About this task ▸ Every line of the data is to be transcribed as it stands.

(Dataset items)
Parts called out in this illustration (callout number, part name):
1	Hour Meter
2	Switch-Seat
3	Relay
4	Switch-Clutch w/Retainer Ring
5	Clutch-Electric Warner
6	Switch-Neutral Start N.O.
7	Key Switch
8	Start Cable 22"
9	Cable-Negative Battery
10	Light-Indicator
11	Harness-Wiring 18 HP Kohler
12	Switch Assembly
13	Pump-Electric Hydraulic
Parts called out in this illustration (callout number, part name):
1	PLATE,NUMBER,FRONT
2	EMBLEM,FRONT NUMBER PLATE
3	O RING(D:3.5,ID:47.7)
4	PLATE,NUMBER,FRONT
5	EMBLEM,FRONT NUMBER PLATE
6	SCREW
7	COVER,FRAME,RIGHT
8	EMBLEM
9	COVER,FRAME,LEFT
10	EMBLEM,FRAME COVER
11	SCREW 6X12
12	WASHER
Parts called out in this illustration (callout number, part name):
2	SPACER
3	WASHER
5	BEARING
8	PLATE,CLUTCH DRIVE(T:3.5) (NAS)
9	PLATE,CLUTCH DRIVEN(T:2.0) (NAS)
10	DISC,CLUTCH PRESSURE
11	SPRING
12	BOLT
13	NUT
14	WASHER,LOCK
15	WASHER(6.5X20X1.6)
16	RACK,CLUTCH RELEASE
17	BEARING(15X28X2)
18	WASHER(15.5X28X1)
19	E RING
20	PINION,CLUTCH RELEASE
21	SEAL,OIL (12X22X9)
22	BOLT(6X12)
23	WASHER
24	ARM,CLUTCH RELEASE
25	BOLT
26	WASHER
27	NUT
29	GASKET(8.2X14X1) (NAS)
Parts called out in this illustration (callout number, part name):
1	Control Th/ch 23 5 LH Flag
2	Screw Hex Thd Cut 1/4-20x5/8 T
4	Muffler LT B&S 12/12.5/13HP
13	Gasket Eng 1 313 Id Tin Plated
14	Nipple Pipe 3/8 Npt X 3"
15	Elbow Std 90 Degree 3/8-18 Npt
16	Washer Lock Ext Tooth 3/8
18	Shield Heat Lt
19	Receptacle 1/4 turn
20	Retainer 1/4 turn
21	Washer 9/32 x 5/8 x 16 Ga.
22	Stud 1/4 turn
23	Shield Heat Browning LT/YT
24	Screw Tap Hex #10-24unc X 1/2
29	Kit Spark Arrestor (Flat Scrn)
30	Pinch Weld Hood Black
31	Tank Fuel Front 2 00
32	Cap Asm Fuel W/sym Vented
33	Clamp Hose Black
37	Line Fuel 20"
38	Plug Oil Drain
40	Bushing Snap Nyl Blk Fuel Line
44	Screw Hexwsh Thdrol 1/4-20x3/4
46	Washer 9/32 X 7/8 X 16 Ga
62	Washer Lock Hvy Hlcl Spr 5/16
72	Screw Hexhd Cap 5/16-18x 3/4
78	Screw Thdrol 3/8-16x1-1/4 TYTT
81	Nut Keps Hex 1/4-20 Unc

Response to the task ▸
Parts called out in this illustration (callout number, part name):
1	Hour Meter
2	Switch-Seat
3	Relay
4	Switch-Clutch w/Retainer Ring
5	Clutch-Electric Warner
6	Switch-Neutral Start N.O.
7	Key Switch
8	Start Cable 22"
9	Cable-Negative Battery
10	Light-Indicator
11	Harness-Wiring 18 HP Kohler
12	Switch Assembly
13	Pump-Electric Hydraulic
Parts called out in this illustration (callout number, part name):
1	PLATE,NUMBER,FRONT
2	EMBLEM,FRONT NUMBER PLATE
3	O RING(D:3.5,ID:47.7)
4	PLATE,NUMBER,FRONT
5	EMBLEM,FRONT NUMBER PLATE
6	SCREW
7	COVER,FRAME,RIGHT
8	EMBLEM
9	COVER,FRAME,LEFT
10	EMBLEM,FRAME COVER
11	SCREW 6X12
12	WASHER
Parts called out in this illustration (callout number, part name):
2	SPACER
3	WASHER
5	BEARING
8	PLATE,CLUTCH DRIVE(T:3.5) (NAS)
9	PLATE,CLUTCH DRIVEN(T:2.0) (NAS)
10	DISC,CLUTCH PRESSURE
11	SPRING
12	BOLT
13	NUT
14	WASHER,LOCK
15	WASHER(6.5X20X1.6)
16	RACK,CLUTCH RELEASE
17	BEARING(15X28X2)
18	WASHER(15.5X28X1)
19	E RING
20	PINION,CLUTCH RELEASE
21	SEAL,OIL (12X22X9)
22	BOLT(6X12)
23	WASHER
24	ARM,CLUTCH RELEASE
25	BOLT
26	WASHER
27	NUT
29	GASKET(8.2X14X1) (NAS)
Parts called out in this illustration (callout number, part name):
1	Control Th/ch 23 5 LH Flag
2	Screw Hex Thd Cut 1/4-20x5/8 T
4	Muffler LT B&S 12/12.5/13HP
13	Gasket Eng 1 313 Id Tin Plated
14	Nipple Pipe 3/8 Npt X 3"
15	Elbow Std 90 Degree 3/8-18 Npt
16	Washer Lock Ext Tooth 3/8
18	Shield Heat Lt
19	Receptacle 1/4 turn
20	Retainer 1/4 turn
21	Washer 9/32 x 5/8 x 16 Ga.
22	Stud 1/4 turn
23	Shield Heat Browning LT/YT
24	Screw Tap Hex #10-24unc X 1/2
29	Kit Spark Arrestor (Flat Scrn)
30	Pinch Weld Hood Black
31	Tank Fuel Front 2 00
32	Cap Asm Fuel W/sym Vented
33	Clamp Hose Black
37	Line Fuel 20"
38	Plug Oil Drain
40	Bushing Snap Nyl Blk Fuel Line
44	Screw Hexwsh Thdrol 1/4-20x3/4
46	Washer 9/32 X 7/8 X 16 Ga
62	Washer Lock Hvy Hlcl Spr 5/16
72	Screw Hexhd Cap 5/16-18x 3/4
78	Screw Thdrol 3/8-16x1-1/4 TYTT
81	Nut Keps Hex 1/4-20 Unc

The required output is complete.